Corona Regia
- Author: Euphormione (pseudonym)
- Original title: Is. Casauboni corona regia. Id est panegyrici cuiusdam vere aurei, quem Iacobo I. Magnæ Britanniæ, &c. Regi, fidei defensori delinearat, fragmenta, ab Euphormione inter schedas τοῦ μακαρίτου collecta, & in lucem edita
- Language: Latin
- Subject: James I of England
- Genre: satirical panegyric
- Published: London (false address; really Leuven)
- Publisher: John Bill (false address)
- Publication date: 1615
- Published in English: 2010
- Pages: 129

= Corona Regia =

1615 satire of James I

Corona Regia (Latin for "Royal Crown") was a scandalous satire of King James I of England. It was written from the fictional perspective of an unfinished panegyric of the king found among the papers of Isaac Casaubon (1559–1614) and published by John Bill, the king's printer. In fact neither Casaubon nor Bill had anything to do with the publication. Corona Regia has been described as "an important text in the history of satire, in the history of English monarchy, and in study of seventeenth-century English theological debates".

==Investigation==
The king was so offended by the book that attempts to identify and punish those involved in its production took up considerable time and energy of English diplomats on the Continent.
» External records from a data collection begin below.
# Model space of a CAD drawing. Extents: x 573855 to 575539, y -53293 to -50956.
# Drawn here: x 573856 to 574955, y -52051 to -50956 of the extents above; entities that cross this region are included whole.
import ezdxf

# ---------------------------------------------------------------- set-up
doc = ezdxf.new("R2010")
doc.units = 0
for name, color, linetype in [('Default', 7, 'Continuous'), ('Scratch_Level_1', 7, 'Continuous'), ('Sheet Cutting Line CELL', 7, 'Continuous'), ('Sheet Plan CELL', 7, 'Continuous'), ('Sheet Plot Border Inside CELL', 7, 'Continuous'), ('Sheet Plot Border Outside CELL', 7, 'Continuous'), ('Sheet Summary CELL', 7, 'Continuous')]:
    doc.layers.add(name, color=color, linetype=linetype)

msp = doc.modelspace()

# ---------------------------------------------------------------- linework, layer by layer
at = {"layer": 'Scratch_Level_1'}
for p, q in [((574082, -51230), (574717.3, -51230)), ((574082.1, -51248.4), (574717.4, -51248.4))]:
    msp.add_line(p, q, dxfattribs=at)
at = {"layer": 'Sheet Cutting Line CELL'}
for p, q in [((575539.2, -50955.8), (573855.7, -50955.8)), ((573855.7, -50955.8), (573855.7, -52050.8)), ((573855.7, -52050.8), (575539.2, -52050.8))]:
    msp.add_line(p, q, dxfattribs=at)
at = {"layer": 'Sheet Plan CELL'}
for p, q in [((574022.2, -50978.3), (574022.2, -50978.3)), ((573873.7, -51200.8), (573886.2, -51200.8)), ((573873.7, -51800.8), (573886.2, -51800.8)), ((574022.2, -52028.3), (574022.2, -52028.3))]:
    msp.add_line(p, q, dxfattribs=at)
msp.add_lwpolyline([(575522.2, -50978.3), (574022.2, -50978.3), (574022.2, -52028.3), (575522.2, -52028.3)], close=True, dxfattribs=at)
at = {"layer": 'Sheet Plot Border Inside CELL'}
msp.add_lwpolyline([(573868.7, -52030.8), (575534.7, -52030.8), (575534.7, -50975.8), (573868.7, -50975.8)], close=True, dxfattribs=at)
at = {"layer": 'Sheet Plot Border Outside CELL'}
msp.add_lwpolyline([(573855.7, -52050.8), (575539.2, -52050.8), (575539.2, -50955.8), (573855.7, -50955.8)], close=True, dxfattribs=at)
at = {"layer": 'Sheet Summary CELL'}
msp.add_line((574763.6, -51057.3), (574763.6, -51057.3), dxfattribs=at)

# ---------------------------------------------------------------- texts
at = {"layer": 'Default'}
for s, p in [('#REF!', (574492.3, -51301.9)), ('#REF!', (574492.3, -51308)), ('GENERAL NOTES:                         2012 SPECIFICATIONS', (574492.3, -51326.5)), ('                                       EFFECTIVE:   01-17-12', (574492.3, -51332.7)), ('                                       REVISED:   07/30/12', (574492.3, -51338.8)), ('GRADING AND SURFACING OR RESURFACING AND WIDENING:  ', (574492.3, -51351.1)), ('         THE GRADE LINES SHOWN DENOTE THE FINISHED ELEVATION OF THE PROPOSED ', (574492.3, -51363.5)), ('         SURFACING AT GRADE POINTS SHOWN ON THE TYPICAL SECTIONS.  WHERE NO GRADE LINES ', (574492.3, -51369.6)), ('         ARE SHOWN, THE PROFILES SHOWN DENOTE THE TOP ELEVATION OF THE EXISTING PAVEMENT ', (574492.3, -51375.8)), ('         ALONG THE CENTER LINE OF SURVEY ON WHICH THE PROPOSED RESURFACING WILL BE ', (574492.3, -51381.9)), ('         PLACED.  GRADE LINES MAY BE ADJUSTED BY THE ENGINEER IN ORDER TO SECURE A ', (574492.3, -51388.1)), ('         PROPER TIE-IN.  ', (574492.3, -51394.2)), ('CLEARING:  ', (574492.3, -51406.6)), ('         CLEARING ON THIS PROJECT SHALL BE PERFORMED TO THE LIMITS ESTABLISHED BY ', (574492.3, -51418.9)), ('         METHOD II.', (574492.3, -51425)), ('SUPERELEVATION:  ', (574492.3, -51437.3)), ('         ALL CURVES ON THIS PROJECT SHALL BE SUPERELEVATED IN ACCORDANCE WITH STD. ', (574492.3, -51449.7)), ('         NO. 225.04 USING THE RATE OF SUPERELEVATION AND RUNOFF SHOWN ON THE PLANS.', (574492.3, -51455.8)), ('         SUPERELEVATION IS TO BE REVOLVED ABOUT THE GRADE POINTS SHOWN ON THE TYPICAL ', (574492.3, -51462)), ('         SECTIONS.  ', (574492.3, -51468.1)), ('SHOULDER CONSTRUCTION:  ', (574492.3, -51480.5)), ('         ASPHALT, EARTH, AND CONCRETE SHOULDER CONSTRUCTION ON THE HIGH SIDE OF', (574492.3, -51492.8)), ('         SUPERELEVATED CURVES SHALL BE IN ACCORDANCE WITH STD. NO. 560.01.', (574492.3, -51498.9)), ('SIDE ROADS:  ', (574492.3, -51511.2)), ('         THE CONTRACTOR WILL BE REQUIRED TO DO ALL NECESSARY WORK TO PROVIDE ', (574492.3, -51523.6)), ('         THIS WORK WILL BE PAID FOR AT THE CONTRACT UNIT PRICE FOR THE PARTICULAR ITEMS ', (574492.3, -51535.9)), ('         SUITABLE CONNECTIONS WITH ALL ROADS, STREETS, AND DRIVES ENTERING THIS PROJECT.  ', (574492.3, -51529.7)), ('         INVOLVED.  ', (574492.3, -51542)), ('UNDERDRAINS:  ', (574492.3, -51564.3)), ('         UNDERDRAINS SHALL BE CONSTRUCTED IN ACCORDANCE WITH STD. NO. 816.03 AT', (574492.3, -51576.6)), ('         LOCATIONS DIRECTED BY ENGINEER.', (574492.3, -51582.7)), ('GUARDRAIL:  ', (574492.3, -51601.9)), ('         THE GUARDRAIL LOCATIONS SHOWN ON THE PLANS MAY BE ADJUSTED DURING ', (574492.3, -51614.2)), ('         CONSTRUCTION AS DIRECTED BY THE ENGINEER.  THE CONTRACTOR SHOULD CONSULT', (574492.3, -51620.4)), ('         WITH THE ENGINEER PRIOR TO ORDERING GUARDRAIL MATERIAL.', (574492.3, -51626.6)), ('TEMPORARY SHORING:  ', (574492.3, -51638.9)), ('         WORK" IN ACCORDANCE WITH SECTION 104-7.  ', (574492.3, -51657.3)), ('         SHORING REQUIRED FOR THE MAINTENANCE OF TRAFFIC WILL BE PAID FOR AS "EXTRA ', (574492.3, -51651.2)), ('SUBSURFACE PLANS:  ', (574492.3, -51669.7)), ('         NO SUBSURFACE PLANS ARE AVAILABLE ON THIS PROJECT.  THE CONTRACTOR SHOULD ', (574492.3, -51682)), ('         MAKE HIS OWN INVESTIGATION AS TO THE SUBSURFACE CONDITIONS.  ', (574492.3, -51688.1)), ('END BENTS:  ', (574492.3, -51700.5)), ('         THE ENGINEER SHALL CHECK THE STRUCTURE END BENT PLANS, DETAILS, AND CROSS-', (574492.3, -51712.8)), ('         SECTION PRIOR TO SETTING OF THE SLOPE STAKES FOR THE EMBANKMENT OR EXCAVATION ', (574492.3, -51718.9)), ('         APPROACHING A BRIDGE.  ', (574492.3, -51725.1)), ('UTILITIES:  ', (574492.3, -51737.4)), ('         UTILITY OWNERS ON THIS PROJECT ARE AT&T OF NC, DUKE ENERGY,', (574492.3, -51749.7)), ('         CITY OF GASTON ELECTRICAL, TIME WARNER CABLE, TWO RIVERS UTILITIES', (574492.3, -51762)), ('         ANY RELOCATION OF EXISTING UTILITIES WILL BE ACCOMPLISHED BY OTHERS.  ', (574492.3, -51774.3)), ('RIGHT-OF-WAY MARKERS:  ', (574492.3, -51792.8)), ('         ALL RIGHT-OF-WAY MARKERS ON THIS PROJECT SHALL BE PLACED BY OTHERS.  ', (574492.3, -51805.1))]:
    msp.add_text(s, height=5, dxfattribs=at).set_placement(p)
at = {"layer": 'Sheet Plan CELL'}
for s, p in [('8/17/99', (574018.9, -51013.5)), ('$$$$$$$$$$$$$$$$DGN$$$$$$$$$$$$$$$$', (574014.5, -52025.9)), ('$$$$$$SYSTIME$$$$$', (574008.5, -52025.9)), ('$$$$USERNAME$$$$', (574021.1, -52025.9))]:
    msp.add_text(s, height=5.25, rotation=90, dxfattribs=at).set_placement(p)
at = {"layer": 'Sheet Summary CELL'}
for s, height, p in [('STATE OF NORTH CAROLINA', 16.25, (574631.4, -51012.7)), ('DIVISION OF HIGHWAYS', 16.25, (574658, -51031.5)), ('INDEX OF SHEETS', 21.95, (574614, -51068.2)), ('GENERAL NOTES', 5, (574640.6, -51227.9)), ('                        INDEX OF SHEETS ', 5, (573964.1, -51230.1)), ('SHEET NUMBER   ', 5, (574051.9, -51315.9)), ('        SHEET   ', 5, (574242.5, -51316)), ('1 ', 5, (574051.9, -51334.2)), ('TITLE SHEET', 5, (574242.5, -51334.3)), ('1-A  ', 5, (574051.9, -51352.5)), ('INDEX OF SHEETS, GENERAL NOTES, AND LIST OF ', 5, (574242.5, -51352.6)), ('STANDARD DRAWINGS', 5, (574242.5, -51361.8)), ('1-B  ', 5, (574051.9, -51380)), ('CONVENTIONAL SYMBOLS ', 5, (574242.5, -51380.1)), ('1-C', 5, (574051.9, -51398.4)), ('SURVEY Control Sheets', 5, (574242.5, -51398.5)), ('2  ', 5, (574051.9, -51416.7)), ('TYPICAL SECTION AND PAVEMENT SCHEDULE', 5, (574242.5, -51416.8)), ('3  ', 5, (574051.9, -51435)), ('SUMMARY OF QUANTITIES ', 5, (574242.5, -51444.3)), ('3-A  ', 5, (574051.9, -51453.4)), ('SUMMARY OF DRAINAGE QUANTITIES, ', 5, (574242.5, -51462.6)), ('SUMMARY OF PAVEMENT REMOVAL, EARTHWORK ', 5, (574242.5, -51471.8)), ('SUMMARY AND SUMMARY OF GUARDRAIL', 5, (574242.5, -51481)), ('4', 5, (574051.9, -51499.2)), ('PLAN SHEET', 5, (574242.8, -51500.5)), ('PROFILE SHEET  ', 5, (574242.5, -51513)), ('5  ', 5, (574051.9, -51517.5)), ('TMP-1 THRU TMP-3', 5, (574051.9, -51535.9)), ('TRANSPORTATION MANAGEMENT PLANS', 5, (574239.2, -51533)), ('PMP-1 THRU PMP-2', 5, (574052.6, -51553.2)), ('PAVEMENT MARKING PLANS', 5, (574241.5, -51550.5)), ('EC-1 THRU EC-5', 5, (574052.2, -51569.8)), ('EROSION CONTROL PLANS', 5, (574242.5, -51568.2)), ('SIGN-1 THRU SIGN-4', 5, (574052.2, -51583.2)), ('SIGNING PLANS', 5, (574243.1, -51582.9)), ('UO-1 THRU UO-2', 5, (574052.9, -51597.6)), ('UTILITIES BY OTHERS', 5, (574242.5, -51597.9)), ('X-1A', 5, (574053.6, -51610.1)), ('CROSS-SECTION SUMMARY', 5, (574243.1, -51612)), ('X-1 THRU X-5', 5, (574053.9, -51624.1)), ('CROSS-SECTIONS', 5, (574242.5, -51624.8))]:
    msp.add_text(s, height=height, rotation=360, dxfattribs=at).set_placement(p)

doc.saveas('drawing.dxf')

This was a special concern for William Trumbull at the court of the Archdukes Albert and Isabella, as their historiographer royal, Erycius Puteanus, was under particular suspicion of being the author. Trumbull, who spent over £6,500 on his investigation, later shifted his suspicions to a student at Leuven University named Cornelius Breda. Nobody was ever brought to trial.

==Later editions==
A scholarly edition and translation by Tyler Fyotek, with an introduction by Winfried Schleiner, was published by Droz in 2010.

In 2011 Dana F. Sutton produced a hypertext edition and translation for the University of Birmingham's "Philological Museum" Website.